-- AVAILABLE RECORDS --
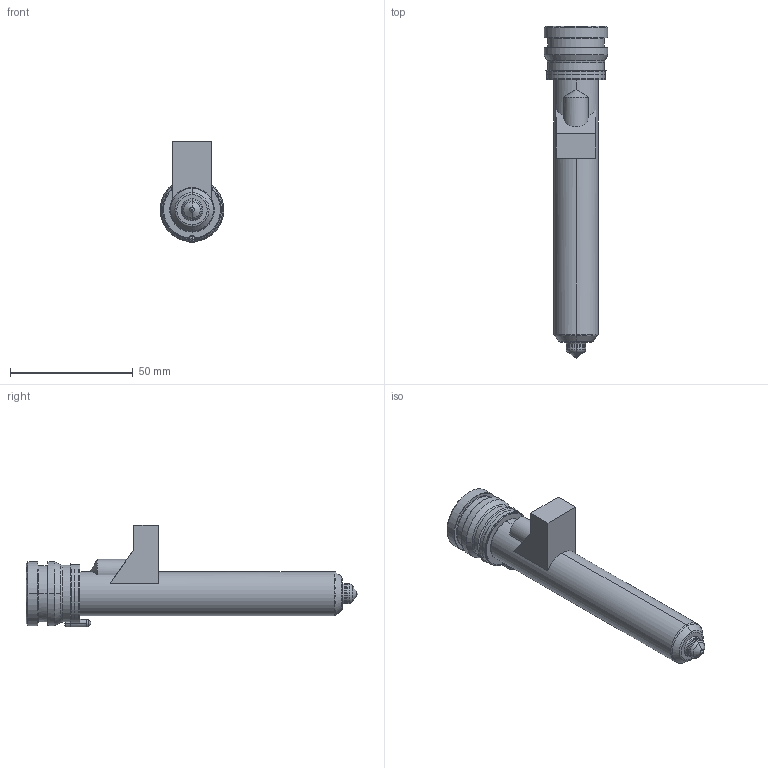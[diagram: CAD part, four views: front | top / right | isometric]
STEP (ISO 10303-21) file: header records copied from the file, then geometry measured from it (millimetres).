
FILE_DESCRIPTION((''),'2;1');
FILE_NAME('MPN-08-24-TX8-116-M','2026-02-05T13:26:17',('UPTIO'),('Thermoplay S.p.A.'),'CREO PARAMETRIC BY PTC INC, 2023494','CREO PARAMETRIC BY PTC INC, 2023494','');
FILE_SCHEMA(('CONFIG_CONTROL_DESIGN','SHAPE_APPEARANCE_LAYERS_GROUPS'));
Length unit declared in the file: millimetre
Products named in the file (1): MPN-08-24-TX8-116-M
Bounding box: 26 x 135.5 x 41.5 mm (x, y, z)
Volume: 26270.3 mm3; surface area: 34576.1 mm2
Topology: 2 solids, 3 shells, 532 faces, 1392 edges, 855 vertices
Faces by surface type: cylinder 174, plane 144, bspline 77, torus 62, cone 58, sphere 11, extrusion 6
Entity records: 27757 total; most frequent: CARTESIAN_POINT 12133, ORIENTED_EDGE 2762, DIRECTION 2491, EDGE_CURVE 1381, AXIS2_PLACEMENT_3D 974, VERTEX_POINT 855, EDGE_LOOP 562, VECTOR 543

-- GOAL OF THE EXERCISE --
What is needed is an exact copy of the entries above, with no images in it.

-- TASK RESULT --
[diagram: CAD part, four views: front | top / right | isometric]
STEP (ISO 10303-21) file: header records copied from the file, then geometry measured from it (millimetres).
FILE_DESCRIPTION((''),'2;1');
FILE_NAME('MPN-08-24-TX8-116-M','2026-02-05T13:26:17',('UPTIO'),('Thermoplay S.p.A.'),'CREO PARAMETRIC BY PTC INC, 2023494','CREO PARAMETRIC BY PTC INC, 2023494','');
FILE_SCHEMA(('CONFIG_CONTROL_DESIGN','SHAPE_APPEARANCE_LAYERS_GROUPS'));
Length unit declared in the file: millimetre
Products named in the file (1): MPN-08-24-TX8-116-M
Bounding box: 26 x 135.5 x 41.5 mm (x, y, z)
Volume: 26270.3 mm3; surface area: 34576.1 mm2
Topology: 2 solids, 3 shells, 532 faces, 1392 edges, 855 vertices
Faces by surface type: cylinder 174, plane 144, bspline 77, torus 62, cone 58, sphere 11, extrusion 6
Entity records: 27757 total; most frequent: CARTESIAN_POINT 12133, ORIENTED_EDGE 2762, DIRECTION 2491, EDGE_CURVE 1381, AXIS2_PLACEMENT_3D 974, VERTEX_POINT 855, EDGE_LOOP 562, VECTOR 543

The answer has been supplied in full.